I’ll cut you a break since MySQL can be difficult and confusing starting out. You should research how these queries work. If you’re studying SQL: the way I learn most effectively, personally, is through lots of exercises which make me think about different sorts of SQL queries – so do a lot of exercises.
Player names for both teams
How can show all the players from both
gamesteams by their names?
I’m going to assume you mean teams, not games. Given a game, do this:
SELECT Player.team_id AS team_id,
Player.player_name AS player_name
FROM Player
INNER JOIN Game
ON (
(Game.Home_team_id = Player.team_id)
OR (Game.Guest_team_id = Player.team_id))
WHERE Game.game_id = [YOUR GAME ID];
This will produce results like:
team_id player_name
1 John Smith
1 Jane Doe
2 John Person
Team with the most wins
How can i find out the team who has more win than the rest of the teams?

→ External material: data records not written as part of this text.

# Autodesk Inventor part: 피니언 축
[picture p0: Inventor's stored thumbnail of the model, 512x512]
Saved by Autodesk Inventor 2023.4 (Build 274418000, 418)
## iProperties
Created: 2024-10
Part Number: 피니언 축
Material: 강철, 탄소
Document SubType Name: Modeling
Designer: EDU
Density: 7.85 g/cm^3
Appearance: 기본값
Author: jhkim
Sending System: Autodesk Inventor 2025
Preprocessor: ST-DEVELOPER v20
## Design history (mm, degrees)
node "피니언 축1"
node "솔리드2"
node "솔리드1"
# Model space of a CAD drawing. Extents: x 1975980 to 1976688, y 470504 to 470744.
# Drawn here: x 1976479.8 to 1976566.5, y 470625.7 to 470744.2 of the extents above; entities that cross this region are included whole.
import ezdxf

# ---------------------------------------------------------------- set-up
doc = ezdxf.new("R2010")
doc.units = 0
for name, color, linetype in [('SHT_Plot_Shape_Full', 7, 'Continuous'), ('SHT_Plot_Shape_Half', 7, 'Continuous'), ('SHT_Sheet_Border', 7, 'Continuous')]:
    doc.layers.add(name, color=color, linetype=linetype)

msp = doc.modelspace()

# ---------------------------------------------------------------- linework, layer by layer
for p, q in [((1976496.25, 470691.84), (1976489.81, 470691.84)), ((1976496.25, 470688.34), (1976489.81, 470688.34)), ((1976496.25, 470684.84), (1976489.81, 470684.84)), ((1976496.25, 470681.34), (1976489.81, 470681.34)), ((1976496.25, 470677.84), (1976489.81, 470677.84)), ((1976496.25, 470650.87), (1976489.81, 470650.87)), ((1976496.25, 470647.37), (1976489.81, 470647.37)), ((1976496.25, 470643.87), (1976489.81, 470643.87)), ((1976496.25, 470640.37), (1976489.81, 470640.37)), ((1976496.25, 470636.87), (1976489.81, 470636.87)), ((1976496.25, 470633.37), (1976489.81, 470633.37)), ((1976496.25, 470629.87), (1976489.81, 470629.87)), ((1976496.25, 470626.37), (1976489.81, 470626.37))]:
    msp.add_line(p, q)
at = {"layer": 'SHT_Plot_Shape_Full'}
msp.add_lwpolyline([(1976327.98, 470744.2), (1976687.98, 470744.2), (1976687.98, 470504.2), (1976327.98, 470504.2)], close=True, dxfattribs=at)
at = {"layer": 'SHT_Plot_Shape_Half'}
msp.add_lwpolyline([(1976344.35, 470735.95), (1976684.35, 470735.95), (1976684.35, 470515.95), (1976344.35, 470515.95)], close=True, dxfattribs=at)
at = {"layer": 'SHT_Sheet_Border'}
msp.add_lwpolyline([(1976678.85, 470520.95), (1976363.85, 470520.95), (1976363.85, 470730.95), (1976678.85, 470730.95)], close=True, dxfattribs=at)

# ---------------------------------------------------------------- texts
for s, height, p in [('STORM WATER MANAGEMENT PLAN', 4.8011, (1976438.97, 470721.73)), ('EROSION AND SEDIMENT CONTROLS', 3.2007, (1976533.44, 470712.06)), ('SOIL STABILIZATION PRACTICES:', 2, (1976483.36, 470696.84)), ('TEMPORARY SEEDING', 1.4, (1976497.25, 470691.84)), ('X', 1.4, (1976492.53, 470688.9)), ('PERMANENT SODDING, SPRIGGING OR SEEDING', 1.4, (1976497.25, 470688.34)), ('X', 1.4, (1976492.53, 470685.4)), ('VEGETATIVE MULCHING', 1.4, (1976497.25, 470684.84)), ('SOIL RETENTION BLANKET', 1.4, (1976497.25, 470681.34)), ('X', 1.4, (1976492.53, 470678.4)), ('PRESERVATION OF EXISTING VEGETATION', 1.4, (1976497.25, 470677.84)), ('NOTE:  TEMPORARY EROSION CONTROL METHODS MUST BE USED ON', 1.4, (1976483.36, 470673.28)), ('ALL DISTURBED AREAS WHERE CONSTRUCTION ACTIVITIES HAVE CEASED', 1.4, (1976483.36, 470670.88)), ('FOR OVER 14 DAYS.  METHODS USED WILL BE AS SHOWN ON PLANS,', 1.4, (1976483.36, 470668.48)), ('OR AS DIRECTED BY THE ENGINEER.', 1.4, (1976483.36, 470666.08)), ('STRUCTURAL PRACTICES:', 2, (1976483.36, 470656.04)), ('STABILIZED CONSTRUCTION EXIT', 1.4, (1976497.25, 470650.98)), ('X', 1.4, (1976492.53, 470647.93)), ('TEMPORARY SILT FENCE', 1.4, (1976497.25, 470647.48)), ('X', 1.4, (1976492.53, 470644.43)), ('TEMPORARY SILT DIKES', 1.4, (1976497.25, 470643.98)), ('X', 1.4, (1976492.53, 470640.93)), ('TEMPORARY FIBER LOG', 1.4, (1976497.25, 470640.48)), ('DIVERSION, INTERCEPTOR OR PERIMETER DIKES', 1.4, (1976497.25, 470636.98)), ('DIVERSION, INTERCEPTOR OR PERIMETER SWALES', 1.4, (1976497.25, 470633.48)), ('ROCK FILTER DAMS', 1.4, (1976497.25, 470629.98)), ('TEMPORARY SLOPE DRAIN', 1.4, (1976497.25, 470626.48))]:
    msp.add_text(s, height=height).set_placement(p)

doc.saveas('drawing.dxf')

Since there doesn’t appear to be anything saying who won, I can’t really tell you how to write such a query. There’s only a single score field and I’m not sure what it contains. I can’t really circle around that either, since the query would look radically different depending on what data’s available to work from, and I don’t like to make assumptions (it might be a waste of time for both of us).
If it contains, say, JSON or XML data, or some other data format containing a set of scores, you need to break that apart into its own cells. Storing a collection of data inside a table cell, like a JSON collection of scores for instance, is fine – as long as you never, ever need to query it. Once you need to query it, that turns into a mess, and you need to avoid that sort of situation.